Work instructions: Among the records below, find each line containing the word "rounds" and copy it.

Record extracts:
• • • • •

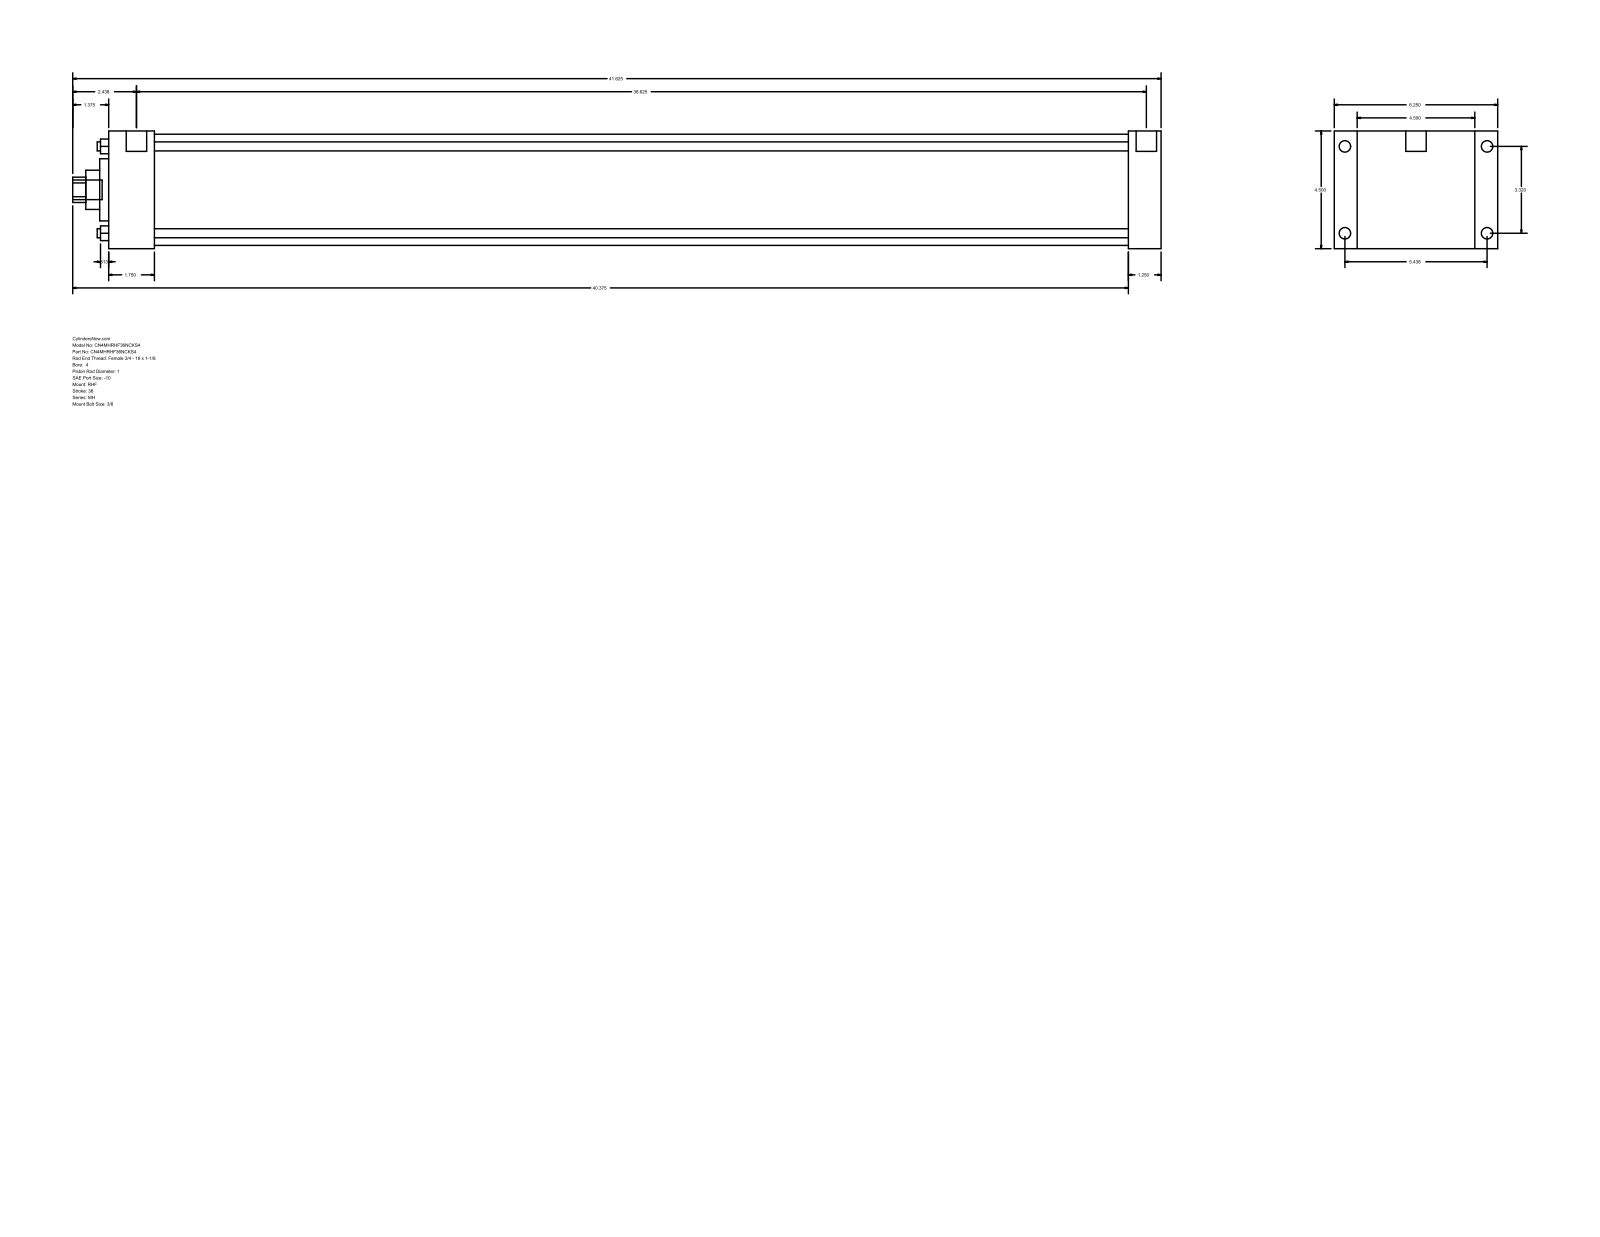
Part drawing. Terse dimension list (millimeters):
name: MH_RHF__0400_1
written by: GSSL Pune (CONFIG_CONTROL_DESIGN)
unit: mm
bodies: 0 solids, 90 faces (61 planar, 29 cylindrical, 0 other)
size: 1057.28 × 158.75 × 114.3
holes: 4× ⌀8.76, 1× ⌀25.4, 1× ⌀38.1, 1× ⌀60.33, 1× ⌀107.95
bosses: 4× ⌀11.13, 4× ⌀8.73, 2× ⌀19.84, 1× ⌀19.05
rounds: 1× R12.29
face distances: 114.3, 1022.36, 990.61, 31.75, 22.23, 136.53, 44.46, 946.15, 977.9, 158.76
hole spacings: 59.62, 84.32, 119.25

• • • • •

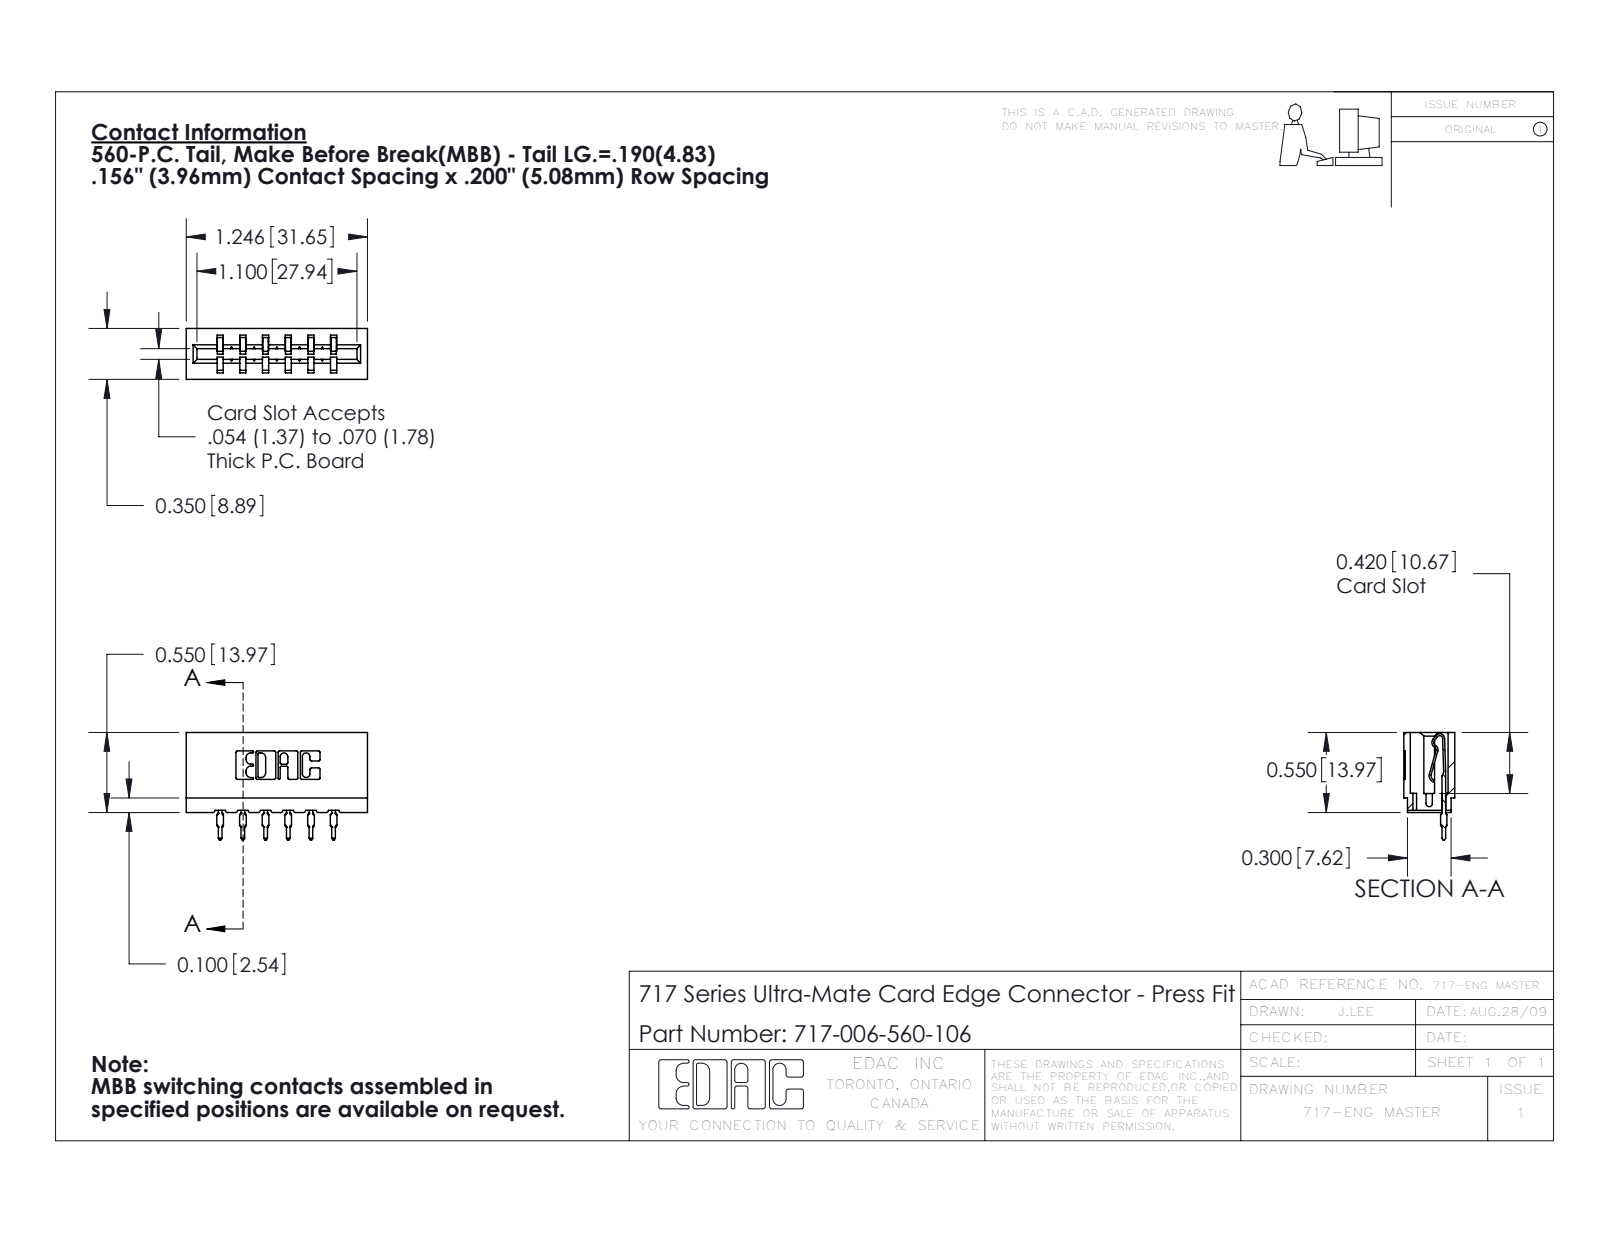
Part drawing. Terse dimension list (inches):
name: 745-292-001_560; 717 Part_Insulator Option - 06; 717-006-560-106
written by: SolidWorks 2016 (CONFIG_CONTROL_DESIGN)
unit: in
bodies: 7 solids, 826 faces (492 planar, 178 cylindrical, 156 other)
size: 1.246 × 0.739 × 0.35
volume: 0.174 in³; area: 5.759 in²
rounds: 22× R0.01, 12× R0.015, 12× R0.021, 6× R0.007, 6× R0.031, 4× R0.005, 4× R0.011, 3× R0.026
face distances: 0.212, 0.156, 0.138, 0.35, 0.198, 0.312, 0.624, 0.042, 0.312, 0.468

• • • • •

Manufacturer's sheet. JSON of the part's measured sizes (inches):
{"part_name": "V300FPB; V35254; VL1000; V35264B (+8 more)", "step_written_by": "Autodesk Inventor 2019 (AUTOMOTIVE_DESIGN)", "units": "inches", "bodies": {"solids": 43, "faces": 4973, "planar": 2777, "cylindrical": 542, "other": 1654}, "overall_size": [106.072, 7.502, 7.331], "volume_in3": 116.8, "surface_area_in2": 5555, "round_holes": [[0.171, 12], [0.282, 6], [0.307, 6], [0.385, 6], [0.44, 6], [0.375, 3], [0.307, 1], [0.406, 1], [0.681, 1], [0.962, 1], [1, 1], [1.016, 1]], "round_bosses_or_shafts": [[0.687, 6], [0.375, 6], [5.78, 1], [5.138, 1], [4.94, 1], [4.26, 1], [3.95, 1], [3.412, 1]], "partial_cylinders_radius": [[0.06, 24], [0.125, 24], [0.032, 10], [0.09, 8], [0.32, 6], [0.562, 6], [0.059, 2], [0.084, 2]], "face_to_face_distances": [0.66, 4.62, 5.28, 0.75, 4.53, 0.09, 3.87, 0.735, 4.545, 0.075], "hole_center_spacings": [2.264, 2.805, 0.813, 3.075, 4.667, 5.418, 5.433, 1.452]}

• • • • •

Written solution:
rounds: 1× R12.29
rounds: 22× R0.01, 12× R0.015, 12× R0.021, 6× R0.007, 6× R0.031, 4× R0.005, 4× R0.011, 3× R0.026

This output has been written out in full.